Difference between revisions of "GLExec Epilogue Functionality"
Revision as of 13:35, 22 May 2012
Starting from version 0.9 gLExec can optionally run an epilogue executable after the payload has finished.
In linger mode, gLExec can optionally run a trusted executable, intended to clean up the payload environment. Whether it will run is triggered by the glexec option epilogue. The option should point to the absolute path of a trusted executable: it must not be possible for anyone except the root user (or the epilogue_user and/or members of the epilogue_group when set) to change the executable. It will run as uid/gid 0,0 (unless epilogue_user and/or epilogue_group are set). If it does not finish within a set epilogue_timeout, it will be send a SIGTERM. For proper functioning it is advised that gLExec will do the userswitch (instead of LCMAPS).
If the epilogue fails for whatever reason, gLExec will return either with a 202 exit code (internal gLExec error) or potentially a 204 (e.g. when the epilog itself returned a 201-204 range exit code).
The epilogue runs with stdin, stdout and stderr all attached to /dev/null. There is no special logging functionality implemented and this is left to the developer of the epilogue code.
The epilogue can be configured using the glexec.conf settings
|epilogue||when set, the name of the trusted binary or script to run. Needs to be a absolute canonical path|
|epilogue_user||When set, the epilogue will be run with this user identity. In addition this user is allowed to have write permission for the epilogue executable (i.e. is trusted). This option can only be used when gLExec does the userswitch. It can be useful if the script is located on an NFS with root squash. Default: root.|
|epilogue_group||When set, the epilogue will be run with this group identity. In addition members of this group are allowed to have write permission for the epilogue executable (i.e. are trusted). When unset, the executable will be run with GID 0 and no group will be trusted. This option can only be used when gLExec does the userswitch. It can be useful if the script is located on an NFS with root squash.|
|epilogue_timeout||The epilogue executable will run for at most this timeout in seconds, before being sent a SIGTERM (and SIGKILL). Default: 300 seconds.|
The epilogue runs with the same cleaned environment as gLExec sets up for the payload, with a number of additional variables, all starting with GLEXEC_EPILOG_. Any variables setup before gLExec starting with GLEXEC_EPILOG_ will be cleared before the epilogue is run.

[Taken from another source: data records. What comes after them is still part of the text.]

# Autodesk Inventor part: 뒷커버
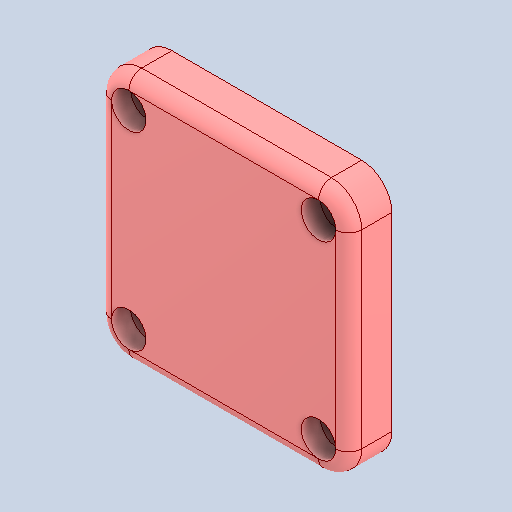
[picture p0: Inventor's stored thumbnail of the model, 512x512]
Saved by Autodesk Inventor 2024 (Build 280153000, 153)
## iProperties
Created: 2026-01
Part Number: 뒷커버
Material: 알루미늄 6061
Document SubType Name: Modeling
Designer: 2-10
Density: 2.7 g/cm^3
Appearance: 기본값
Sending System: Autodesk Inventor 2026
Preprocessor: ST-DEVELOPER v20.1
Author: jhkim
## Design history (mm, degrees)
node "뒷커버1"
node "솔리드2"
node "솔리드1"
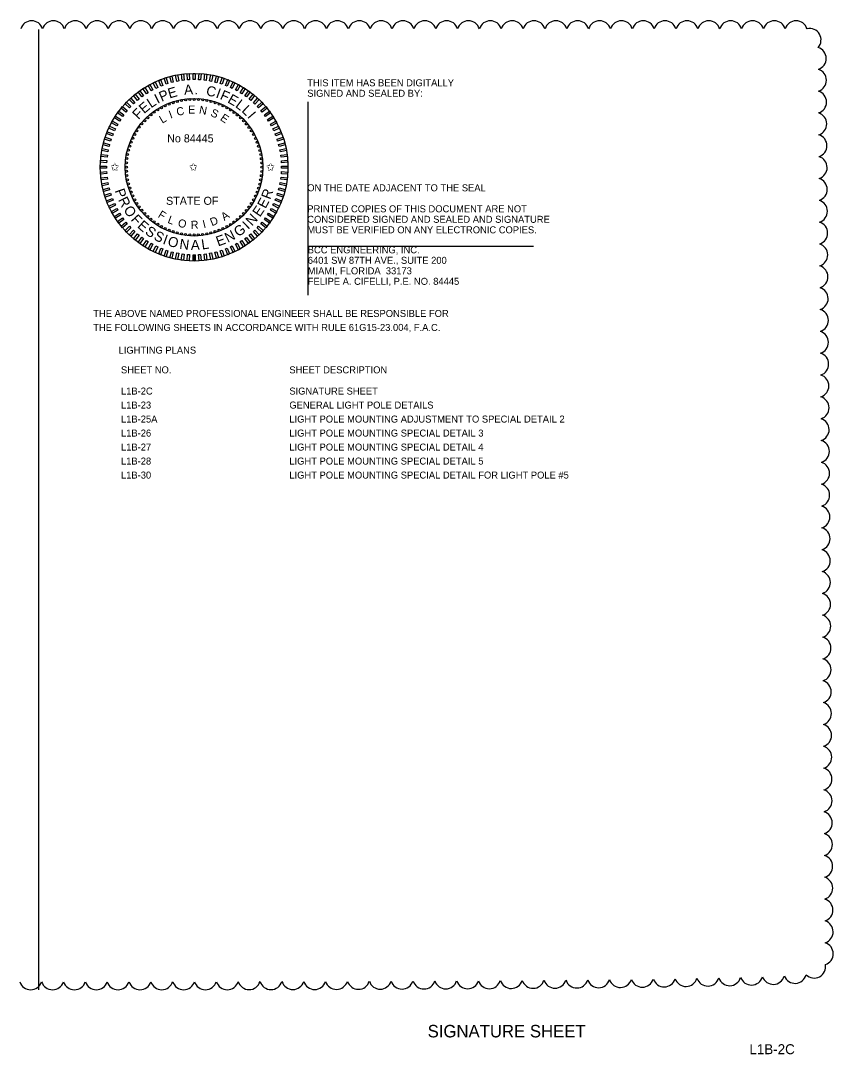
# Model space of a CAD drawing. Extents: x -811.2 to -795, y -2307.6 to -2235.1.
# Drawn here: x -803.27 to -795.14, y -2282.69 to -2272.36 of the extents above; entities that cross this region are included whole.
import ezdxf

# ---------------------------------------------------------------- set-up
doc = ezdxf.new("R2010")
doc.units = 0
for name, color, linetype in [('AdhocPoint_dp', 7, 'Continuous'), ('Cloud_dp', 7, 'Continuous'), ('Logo_dp', 7, 'Continuous'), ('NonPlottingEle_dp', 7, 'Continuous'), ('TeleMisc', 7, 'Continuous'), ('TextDetails', 7, 'Continuous'), ('TextMisc', 7, 'Continuous'), ('TextNotes', 7, 'Continuous')]:
    doc.layers.add(name, color=color, linetype=linetype)

msp = doc.modelspace()

# ---------------------------------------------------------------- linework, layer by layer
at = {"layer": 'AdhocPoint_dp'}
for p, q in [((-800.397, -2273.168), (-800.397, -2275.103)), ((-800.397, -2274.613), (-798.141, -2274.613))]:
    msp.add_line(p, q, dxfattribs=at)
at = {"layer": 'Cloud_dp'}
for centre, start, end in [((-803.157, -2272.472), 17.5, 162.5), ((-802.939, -2272.472), 17.5, 162.5), ((-802.721, -2272.472), 17.5, 162.5), ((-802.502, -2272.472), 17.5, 162.5), ((-802.284, -2272.472), 17.5, 162.5), ((-802.066, -2272.472), 17.5, 162.5), ((-801.847, -2272.472), 17.5, 162.5), ((-801.629, -2272.472), 17.5, 162.5), ((-801.411, -2272.472), 17.5, 162.5), ((-801.192, -2272.472), 17.5, 162.5), ((-800.974, -2272.472), 17.5, 162.5), ((-800.756, -2272.472), 17.5, 162.5), ((-800.537, -2272.472), 17.5, 162.5), ((-800.319, -2272.472), 17.5, 162.5), ((-800.101, -2272.472), 17.5, 162.5), ((-799.882, -2272.472), 17.5, 162.5), ((-799.664, -2272.472), 17.5, 162.5), ((-799.446, -2272.472), 17.5, 162.5), ((-799.227, -2272.472), 17.5, 162.5), ((-799.009, -2272.472), 17.5, 162.5), ((-798.791, -2272.472), 17.5, 162.5), ((-798.572, -2272.472), 17.5, 162.5), ((-798.354, -2272.472), 17.5, 162.5), ((-798.136, -2272.472), 17.5, 162.5), ((-797.917, -2272.472), 17.5, 162.5), ((-797.699, -2272.472), 17.5, 162.5), ((-797.481, -2272.472), 17.5, 162.5), ((-797.262, -2272.472), 17.5, 162.5), ((-797.044, -2272.472), 17.5, 162.5), ((-796.826, -2272.472), 17.5, 162.5), ((-796.607, -2272.472), 17.5, 162.5), ((-796.389, -2272.472), 17.5, 162.5), ((-796.171, -2272.472), 17.5, 162.5), ((-795.952, -2272.472), 17.5, 162.5), ((-795.734, -2272.472), 17.5, 162.5), ((-795.516, -2272.472), 17.5, 162.5), ((-795.381, -2272.549), 318.1116, 103.1116), ((-795.329, -2272.734), 287.9529, 72.9529), ((-795.327, -2272.953), 287.9529, 72.9529), ((-795.326, -2273.171), 287.9529, 72.9529), ((-795.324, -2273.389), 287.9529, 72.9529), ((-795.322, -2273.608), 287.9529, 72.9529), ((-795.32, -2273.826), 287.9529, 72.9529), ((-795.319, -2274.044), 287.9529, 72.9529), ((-795.317, -2274.263), 287.9529, 72.9529), ((-795.315, -2274.481), 287.9529, 72.9529), ((-795.314, -2274.699), 287.9529, 72.9529), ((-795.312, -2274.918), 287.9529, 72.9529), ((-795.31, -2275.136), 287.9529, 72.9529), ((-795.308, -2275.354), 287.9529, 72.9529), ((-795.307, -2275.573), 287.9529, 72.9529), ((-795.305, -2275.791), 287.9529, 72.9529), ((-795.303, -2276.009), 287.9529, 72.9529), ((-795.301, -2276.228), 287.9529, 72.9529), ((-795.3, -2276.446), 287.9529, 72.9529), ((-795.298, -2276.664), 287.9529, 72.9529), ((-795.296, -2276.882), 287.9529, 72.9529), ((-795.295, -2277.101), 287.9529, 72.9529), ((-795.293, -2277.319), 287.9527, 72.9527), ((-795.291, -2277.537), 287.9524, 72.9524), ((-795.289, -2277.756), 287.9521, 72.9521), ((-795.288, -2277.974), 287.9519, 72.9519), ((-795.286, -2278.192), 287.9515, 72.9515), ((-795.284, -2278.411), 287.9512, 72.9512), ((-795.282, -2278.629), 287.9508, 72.9508), ((-795.281, -2278.847), 287.9504, 72.9504), ((-795.279, -2279.066), 287.9499, 72.9499), ((-795.277, -2279.284), 287.9494, 72.9494), ((-795.276, -2279.502), 287.9488, 72.9488), ((-795.274, -2279.721), 287.9481, 72.9481), ((-795.272, -2279.939), 287.9473, 72.9473), ((-795.271, -2280.157), 287.9464, 72.9464), ((-795.269, -2280.376), 287.9452, 72.9452), ((-795.267, -2280.594), 287.9438, 72.9438), ((-795.265, -2280.812), 287.9419, 72.9419), ((-795.264, -2281.03), 287.9394, 72.9394), ((-795.262, -2281.249), 287.9355, 72.9355), ((-795.26, -2281.467), 287.9288, 72.9288), ((-795.259, -2281.685), 287.9106, 72.9106), ((-795.336, -2281.815), 225.4798, 10.4798), ((-803.166, -2281.932), 197.496, 342.496), ((-802.948, -2281.932), 197.5011, 342.5011), ((-802.729, -2281.932), 197.5111, 342.5111), ((-802.511, -2281.932), 197.522, 342.522), ((-802.293, -2281.932), 197.5335, 342.5335), ((-802.074, -2281.932), 197.5456, 342.5456), ((-801.856, -2281.931), 197.5582, 342.5582), ((-801.638, -2281.931), 197.5715, 342.5715), ((-801.42, -2281.931), 197.5855, 342.5855), ((-801.201, -2281.931), 197.6002, 342.6002), ((-800.983, -2281.93), 197.6157, 342.6157), ((-800.765, -2281.93), 197.6322, 342.6322), ((-800.546, -2281.929), 197.6497, 342.6497), ((-800.328, -2281.929), 197.6683, 342.6683), ((-800.11, -2281.928), 197.6881, 342.6881), ((-799.891, -2281.927), 197.7093, 342.7093), ((-799.673, -2281.926), 197.732, 342.732), ((-799.455, -2281.925), 197.7565, 342.7565), ((-799.236, -2281.924), 197.7829, 342.7829), ((-799.018, -2281.923), 197.8116, 342.8116), ((-798.8, -2281.922), 197.8429, 342.8429), ((-798.582, -2281.921), 197.8771, 342.8771), ((-798.363, -2281.919), 197.9149, 342.9149), ((-798.145, -2281.917), 197.9569, 342.9569), ((-797.927, -2281.916), 198.0039, 343.0039), ((-797.708, -2281.914), 198.0569, 343.0569), ((-797.49, -2281.911), 198.1174, 343.1174), ((-797.272, -2281.909), 198.1874, 343.1874), ((-797.054, -2281.906), 198.2696, 343.2696), ((-796.835, -2281.903), 198.368, 343.368), ((-796.617, -2281.899), 198.4888, 343.4888), ((-796.399, -2281.895), 198.642, 343.642), ((-796.181, -2281.891), 198.8454, 343.8454), ((-795.963, -2281.885), 199.1345, 344.1345), ((-795.745, -2281.878), 199.5943, 344.5943), ((-795.527, -2281.868), 200.5167, 345.5167)]:
    msp.add_arc(centre, 0.114, start, end, dxfattribs=at)
at = {"layer": 'TextDetails'}
for radius in [0.938, 0.688]:
    msp.add_circle((-801.533, -2273.822), radius, dxfattribs=at)
at = {"layer": 'TextMisc'}
for p, q in [((-801.543, -2274.759), (-801.543, -2274.697)), ((-801.533, -2274.759), (-801.533, -2274.697)), ((-801.523, -2274.759), (-801.523, -2274.696))]:
    msp.add_line(p, q, dxfattribs=at)
for points in [[(-801.578, -2272.948), (-801.598, -2272.949), (-801.602, -2272.887), (-801.582, -2272.885)], [(-801.523, -2272.946), (-801.543, -2272.946), (-801.543, -2272.884), (-801.523, -2272.884)], [(-801.468, -2272.949), (-801.488, -2272.948), (-801.484, -2272.885), (-801.464, -2272.887)], [(-801.896, -2273.025), (-801.915, -2273.034), (-801.941, -2272.978), (-801.923, -2272.969)], [(-801.846, -2273.004), (-801.864, -2273.012), (-801.887, -2272.954), (-801.869, -2272.946)], [(-801.794, -2272.986), (-801.813, -2272.992), (-801.832, -2272.933), (-801.813, -2272.927)], [(-801.741, -2272.971), (-801.76, -2272.976), (-801.776, -2272.916), (-801.756, -2272.911)], [(-801.687, -2272.96), (-801.707, -2272.964), (-801.718, -2272.903), (-801.699, -2272.899)], [(-801.632, -2272.952), (-801.653, -2272.955), (-801.66, -2272.893), (-801.64, -2272.89)], [(-801.413, -2272.955), (-801.433, -2272.952), (-801.425, -2272.89), (-801.405, -2272.893)], [(-801.359, -2272.964), (-801.379, -2272.96), (-801.367, -2272.899), (-801.347, -2272.903)], [(-801.305, -2272.977), (-801.325, -2272.971), (-801.309, -2272.911), (-801.29, -2272.916)], [(-801.253, -2272.992), (-801.272, -2272.986), (-801.253, -2272.927), (-801.234, -2272.933)], [(-801.201, -2273.012), (-801.22, -2273.004), (-801.197, -2272.946), (-801.178, -2272.954)], [(-801.151, -2273.034), (-801.169, -2273.025), (-801.143, -2272.969), (-801.125, -2272.978)], [(-802.083, -2273.141), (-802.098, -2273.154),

|GLEXEC_EPILOG_ARGV<N>||argv of payload|
|GLEXEC_EPILOG_GLEXEC_USER||calling user username|
|GLEXEC_EPILOG_GLEXEC_GROUP||calling user's primary groupname|
|GLEXEC_EPILOG_GLEXEC_UID||calling user's uid|
|GLEXEC_EPILOG_GLEXEC_GID||calling user's primary gid|
|GLEXEC_EPILOG_GLEXEC_SGIDS||calling user's secondary gids, colon separated|
|GLEXEC_EPILOG_TARGET_USER||target user's username|
|GLEXEC_EPILOG_TARGET_GROUP||target user's primary groupname|
|GLEXEC_EPILOG_TARGET_UID||target user's uid|
|GLEXEC_EPILOG_TARGET_GID||target user's primary gid|
|GLEXEC_EPILOG_TARGET_SGIDS||target user's secondary gids, colon separated|
|GLEXEC_EPILOG_GLEXEC_PID||lingering gLExec process ID|
|GLEXEC_EPILOG_GLEXEC_SID||lingering gLExec session ID|
|GLEXEC_EPILOG_GLEXEC_PGID||lingering gLExec process group|
|GLEXEC_EPILOG_TARGET_PID||payload process ID|
|GLEXEC_EPILOG_TARGET_PGID||payload process group|
|GLEXEC_EPILOG_TARGET_RC||payload exit code|
- In order to prevent tampering with the epilogue binary or script, the permissions need to be such, that only the root user and optionally epilogue user, has write access to the file or one of its path members (it is "trusted-root").
- GLExec becomes immune to signals from any user but root.
- It is important to note that writing a epilogue should be done with utmost care:
- it will be ran (normally) by root user
- it is triggered automatically
- blindly killing all processes from the payload user can kill good processes
- Logging should be done in a secure way, e.g. to either syslog or to a trusted file location.
Providing a catch-all example script is not possible as this heavily depends on site details. Sites might want to have a look at Nikhef's reaper script, intended to clean up daemonized processes after a grid job has finished.